Required action | Make an exact copy of the lines from the top of the entries below through the line with "Topology: 23 solids, 33". Leave all pictures out.

Material shown |
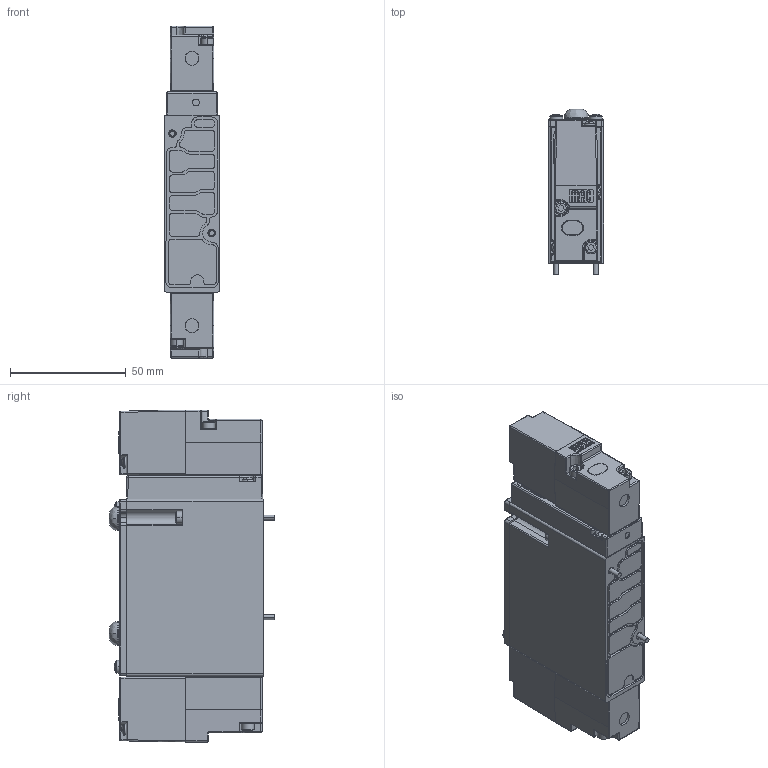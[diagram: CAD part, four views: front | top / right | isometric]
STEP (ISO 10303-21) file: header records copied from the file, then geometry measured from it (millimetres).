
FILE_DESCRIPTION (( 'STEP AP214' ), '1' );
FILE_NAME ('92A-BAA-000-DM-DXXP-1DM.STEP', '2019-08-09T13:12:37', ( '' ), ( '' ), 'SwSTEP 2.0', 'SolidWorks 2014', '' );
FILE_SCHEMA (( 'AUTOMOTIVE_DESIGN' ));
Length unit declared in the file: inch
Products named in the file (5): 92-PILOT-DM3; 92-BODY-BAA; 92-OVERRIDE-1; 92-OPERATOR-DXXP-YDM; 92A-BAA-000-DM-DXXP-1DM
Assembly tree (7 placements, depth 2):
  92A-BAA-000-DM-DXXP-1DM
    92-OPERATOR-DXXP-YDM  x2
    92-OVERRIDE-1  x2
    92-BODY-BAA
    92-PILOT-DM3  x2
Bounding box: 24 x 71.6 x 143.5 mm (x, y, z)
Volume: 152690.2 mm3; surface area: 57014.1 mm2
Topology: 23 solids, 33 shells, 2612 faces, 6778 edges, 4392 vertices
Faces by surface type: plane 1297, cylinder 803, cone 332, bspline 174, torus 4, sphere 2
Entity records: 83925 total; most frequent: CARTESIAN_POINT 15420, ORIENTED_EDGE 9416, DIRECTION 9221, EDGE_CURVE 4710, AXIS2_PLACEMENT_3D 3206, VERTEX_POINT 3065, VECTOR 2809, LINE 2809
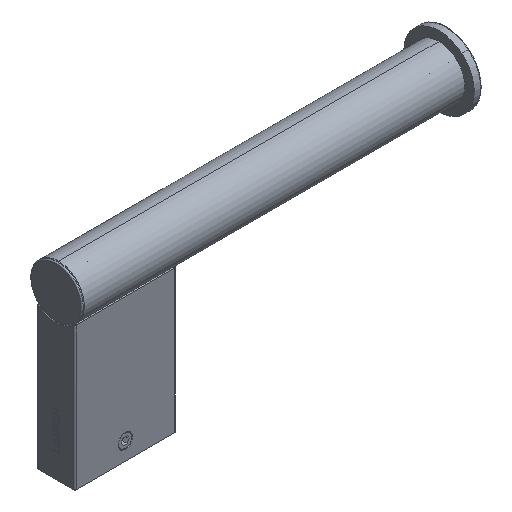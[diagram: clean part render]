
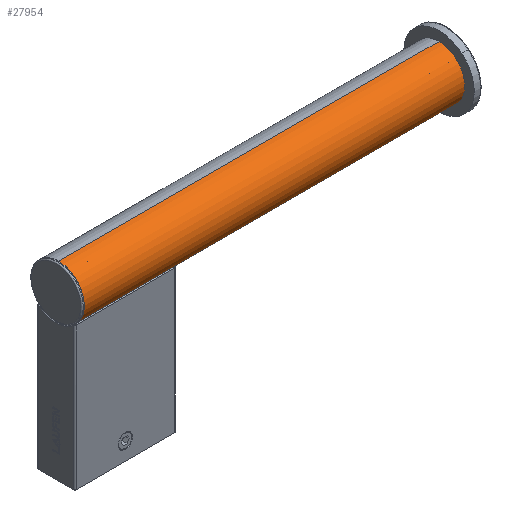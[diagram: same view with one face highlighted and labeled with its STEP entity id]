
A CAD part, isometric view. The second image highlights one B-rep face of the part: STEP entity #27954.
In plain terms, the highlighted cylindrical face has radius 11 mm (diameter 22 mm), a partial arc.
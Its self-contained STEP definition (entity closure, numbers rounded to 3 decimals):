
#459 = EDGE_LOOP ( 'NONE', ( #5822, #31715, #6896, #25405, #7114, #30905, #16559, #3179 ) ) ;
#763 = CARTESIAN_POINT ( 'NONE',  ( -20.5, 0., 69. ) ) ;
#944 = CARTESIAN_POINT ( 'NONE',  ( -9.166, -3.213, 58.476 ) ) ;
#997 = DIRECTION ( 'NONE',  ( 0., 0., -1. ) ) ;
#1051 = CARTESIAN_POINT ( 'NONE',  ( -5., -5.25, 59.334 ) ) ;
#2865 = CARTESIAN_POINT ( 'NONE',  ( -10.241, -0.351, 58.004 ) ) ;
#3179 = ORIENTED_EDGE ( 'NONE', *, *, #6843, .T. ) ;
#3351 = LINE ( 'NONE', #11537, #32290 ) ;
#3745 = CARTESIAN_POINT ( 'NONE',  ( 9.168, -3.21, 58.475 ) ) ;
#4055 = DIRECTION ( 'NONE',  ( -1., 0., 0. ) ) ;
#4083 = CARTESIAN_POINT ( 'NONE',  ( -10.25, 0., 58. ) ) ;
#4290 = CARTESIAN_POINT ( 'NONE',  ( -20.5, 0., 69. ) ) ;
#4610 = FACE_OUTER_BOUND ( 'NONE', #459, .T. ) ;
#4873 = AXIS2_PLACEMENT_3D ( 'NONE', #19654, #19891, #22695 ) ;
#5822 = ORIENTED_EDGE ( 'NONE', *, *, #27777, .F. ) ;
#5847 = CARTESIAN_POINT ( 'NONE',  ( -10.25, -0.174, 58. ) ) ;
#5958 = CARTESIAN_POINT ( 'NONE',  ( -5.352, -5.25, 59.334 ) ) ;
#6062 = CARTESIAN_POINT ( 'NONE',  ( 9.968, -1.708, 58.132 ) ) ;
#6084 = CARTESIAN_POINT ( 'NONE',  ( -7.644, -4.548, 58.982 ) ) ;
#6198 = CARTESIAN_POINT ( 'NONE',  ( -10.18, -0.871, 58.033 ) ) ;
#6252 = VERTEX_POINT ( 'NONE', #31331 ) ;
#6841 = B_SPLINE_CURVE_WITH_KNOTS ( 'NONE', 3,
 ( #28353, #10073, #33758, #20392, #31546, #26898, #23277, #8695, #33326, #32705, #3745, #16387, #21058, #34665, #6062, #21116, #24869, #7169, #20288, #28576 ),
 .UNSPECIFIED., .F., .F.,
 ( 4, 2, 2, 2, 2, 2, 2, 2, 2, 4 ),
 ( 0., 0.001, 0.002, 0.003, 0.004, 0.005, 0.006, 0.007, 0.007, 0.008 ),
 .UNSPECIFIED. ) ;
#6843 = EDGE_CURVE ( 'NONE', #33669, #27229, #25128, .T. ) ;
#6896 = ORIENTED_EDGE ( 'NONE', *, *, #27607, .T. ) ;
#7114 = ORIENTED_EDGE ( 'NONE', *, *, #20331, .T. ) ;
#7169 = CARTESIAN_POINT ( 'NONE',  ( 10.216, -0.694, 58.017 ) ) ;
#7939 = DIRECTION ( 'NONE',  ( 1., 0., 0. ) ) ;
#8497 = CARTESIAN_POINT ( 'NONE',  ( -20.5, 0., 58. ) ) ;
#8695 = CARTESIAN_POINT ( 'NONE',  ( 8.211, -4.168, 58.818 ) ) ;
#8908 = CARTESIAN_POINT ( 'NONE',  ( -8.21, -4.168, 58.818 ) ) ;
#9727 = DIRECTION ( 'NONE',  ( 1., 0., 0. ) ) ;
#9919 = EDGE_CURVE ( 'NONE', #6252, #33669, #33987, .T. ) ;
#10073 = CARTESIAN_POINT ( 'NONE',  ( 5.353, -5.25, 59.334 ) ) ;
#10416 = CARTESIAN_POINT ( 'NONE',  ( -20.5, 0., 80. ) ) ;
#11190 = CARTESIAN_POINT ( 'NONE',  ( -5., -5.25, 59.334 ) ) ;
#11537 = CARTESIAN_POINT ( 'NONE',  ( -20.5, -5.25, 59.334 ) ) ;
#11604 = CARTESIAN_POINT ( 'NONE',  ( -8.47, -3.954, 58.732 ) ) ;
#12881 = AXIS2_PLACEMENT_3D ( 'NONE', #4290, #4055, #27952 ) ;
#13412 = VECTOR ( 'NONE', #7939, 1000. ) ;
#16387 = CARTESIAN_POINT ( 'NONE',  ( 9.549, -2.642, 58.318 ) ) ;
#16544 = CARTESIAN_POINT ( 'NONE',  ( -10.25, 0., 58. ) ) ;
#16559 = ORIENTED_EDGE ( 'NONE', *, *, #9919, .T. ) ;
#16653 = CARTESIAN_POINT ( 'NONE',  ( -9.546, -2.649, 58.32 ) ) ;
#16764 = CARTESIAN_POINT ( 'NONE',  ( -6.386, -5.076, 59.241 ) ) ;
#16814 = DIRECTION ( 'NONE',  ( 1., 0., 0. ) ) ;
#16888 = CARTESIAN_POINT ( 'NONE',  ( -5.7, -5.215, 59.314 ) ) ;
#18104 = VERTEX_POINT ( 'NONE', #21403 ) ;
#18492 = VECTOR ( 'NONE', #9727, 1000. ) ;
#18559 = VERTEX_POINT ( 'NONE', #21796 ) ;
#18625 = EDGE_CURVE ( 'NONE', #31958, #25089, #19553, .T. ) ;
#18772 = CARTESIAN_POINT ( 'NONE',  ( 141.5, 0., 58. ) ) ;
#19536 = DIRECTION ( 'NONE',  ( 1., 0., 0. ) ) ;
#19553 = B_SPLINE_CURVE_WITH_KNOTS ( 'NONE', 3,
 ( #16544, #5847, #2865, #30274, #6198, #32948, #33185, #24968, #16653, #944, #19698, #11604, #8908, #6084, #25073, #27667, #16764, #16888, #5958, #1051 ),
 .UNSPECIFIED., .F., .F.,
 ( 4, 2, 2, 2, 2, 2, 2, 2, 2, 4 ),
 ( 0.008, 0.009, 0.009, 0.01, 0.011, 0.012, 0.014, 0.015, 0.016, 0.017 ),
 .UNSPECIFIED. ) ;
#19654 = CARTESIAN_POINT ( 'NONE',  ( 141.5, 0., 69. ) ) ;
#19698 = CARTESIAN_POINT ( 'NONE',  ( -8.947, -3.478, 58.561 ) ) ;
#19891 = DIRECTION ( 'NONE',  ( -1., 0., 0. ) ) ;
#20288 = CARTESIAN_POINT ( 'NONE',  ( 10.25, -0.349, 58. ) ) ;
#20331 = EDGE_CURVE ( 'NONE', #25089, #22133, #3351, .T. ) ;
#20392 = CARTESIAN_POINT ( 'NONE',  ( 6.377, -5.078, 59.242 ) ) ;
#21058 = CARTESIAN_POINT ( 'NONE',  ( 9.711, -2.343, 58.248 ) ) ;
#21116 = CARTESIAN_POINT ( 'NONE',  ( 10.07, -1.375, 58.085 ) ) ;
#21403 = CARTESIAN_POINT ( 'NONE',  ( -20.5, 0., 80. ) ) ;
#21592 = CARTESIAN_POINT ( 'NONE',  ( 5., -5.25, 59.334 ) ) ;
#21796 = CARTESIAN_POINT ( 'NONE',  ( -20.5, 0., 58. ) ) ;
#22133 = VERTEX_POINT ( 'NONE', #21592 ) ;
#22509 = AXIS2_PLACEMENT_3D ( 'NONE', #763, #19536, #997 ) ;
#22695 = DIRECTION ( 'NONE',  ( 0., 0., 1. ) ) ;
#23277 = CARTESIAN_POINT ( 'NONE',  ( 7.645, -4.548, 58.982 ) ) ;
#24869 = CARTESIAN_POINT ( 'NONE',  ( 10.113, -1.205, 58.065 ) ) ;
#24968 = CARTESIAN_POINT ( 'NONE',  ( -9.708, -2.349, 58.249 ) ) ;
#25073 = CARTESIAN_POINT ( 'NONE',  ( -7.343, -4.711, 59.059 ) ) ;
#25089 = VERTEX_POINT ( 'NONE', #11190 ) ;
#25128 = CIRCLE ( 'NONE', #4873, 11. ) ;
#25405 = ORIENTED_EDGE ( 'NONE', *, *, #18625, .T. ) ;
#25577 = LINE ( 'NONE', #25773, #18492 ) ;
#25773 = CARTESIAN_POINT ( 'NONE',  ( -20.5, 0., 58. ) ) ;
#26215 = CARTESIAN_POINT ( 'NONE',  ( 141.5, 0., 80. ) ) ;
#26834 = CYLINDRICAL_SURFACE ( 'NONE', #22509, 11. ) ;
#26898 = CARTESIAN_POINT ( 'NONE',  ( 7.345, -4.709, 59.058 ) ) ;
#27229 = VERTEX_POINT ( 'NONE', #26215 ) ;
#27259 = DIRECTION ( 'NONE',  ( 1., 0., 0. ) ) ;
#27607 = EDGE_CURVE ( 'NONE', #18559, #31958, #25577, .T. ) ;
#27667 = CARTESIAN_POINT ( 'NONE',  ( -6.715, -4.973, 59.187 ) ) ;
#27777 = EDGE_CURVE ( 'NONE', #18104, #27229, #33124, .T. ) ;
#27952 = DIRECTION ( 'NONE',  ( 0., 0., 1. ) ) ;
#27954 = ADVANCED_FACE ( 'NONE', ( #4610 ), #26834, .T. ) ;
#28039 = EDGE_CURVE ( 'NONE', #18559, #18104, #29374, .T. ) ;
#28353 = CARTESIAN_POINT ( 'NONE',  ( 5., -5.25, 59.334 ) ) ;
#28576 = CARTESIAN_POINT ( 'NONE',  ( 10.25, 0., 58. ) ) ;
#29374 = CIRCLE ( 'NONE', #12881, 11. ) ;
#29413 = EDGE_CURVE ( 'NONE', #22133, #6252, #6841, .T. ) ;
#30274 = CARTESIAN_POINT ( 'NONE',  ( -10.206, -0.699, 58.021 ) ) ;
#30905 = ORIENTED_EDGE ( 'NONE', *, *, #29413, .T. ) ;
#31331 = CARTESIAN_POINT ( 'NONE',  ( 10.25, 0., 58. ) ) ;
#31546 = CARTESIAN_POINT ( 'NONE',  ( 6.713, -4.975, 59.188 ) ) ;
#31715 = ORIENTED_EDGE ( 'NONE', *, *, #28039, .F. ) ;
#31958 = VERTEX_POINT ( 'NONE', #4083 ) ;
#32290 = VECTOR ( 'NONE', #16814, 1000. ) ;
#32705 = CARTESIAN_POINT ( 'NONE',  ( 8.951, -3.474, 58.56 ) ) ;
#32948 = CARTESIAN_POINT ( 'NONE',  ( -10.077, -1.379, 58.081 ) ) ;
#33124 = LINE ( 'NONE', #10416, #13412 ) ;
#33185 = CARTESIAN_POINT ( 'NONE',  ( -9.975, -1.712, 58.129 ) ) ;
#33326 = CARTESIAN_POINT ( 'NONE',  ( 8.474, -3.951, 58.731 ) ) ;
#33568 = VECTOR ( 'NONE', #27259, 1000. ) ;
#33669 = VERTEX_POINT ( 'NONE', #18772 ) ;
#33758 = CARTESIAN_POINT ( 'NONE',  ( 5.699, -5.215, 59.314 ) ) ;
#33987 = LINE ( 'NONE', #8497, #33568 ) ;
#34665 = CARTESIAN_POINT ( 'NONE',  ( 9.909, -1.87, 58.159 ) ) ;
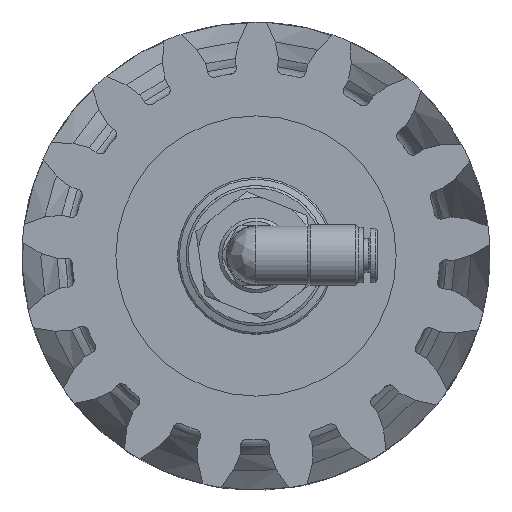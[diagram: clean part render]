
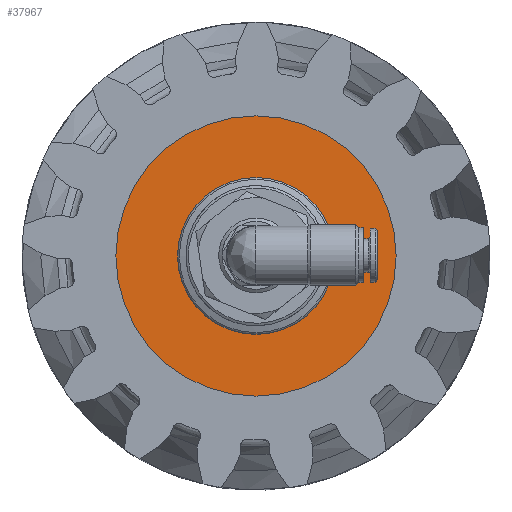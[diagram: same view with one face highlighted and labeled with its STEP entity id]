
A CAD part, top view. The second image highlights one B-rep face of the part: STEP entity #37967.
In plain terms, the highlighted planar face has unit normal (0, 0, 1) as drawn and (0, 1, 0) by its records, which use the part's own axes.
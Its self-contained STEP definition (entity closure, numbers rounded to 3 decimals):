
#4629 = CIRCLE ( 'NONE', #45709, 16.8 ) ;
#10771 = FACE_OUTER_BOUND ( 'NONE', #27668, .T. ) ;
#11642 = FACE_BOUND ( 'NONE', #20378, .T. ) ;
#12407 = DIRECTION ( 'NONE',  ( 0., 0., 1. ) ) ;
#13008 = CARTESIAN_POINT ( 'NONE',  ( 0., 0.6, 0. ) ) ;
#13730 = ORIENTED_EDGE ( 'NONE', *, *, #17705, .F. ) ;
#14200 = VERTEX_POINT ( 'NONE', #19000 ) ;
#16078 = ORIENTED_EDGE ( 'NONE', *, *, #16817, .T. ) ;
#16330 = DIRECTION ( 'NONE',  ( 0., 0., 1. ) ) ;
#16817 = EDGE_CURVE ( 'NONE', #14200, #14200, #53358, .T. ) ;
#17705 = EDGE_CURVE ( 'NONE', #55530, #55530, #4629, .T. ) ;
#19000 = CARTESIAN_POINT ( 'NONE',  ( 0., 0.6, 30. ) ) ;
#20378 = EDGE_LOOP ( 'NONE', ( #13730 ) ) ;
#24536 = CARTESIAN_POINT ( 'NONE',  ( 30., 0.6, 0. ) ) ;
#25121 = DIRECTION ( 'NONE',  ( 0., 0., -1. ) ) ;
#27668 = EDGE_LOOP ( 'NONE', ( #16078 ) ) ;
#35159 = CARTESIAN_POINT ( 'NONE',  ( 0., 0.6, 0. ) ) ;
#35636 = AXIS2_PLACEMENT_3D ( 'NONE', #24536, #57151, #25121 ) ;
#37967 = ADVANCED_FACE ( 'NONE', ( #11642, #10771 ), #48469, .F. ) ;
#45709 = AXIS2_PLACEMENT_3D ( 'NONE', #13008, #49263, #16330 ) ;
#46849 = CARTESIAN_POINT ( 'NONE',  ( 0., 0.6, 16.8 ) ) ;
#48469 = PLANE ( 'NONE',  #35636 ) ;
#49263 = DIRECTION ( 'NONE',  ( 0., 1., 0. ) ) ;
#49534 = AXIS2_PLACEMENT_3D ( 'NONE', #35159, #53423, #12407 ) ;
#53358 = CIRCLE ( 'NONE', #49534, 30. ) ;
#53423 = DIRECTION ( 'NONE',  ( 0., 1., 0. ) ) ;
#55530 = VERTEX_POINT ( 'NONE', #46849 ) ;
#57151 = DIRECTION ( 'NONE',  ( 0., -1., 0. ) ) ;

Result of this exercise |
[diagram: CAD part, four views: front | top / right | isometric]
STEP (ISO 10303-21) file: header records copied from the file, then geometry measured from it (millimetres).
FILE_DESCRIPTION (( 'STEP AP214' ), '1' );
FILE_NAME ('92A-BAA-000-DM-DXXP-1DM.STEP', '2019-08-09T13:12:37', ( '' ), ( '' ), 'SwSTEP 2.0', 'SolidWorks 2014', '' );
FILE_SCHEMA (( 'AUTOMOTIVE_DESIGN' ));
Length unit declared in the file: inch
Products named in the file (5): 92-PILOT-DM3; 92-BODY-BAA; 92-OVERRIDE-1; 92-OPERATOR-DXXP-YDM; 92A-BAA-000-DM-DXXP-1DM
Assembly tree (7 placements, depth 2):
  92A-BAA-000-DM-DXXP-1DM
    92-OPERATOR-DXXP-YDM  x2
    92-OVERRIDE-1  x2
    92-BODY-BAA
    92-PILOT-DM3  x2
Bounding box: 24 x 71.6 x 143.5 mm (x, y, z)
Volume: 152690.2 mm3; surface area: 57014.1 mm2
Topology: 23 solids, 33 shells, 2612 faces, 6778 edges, 4392 vertices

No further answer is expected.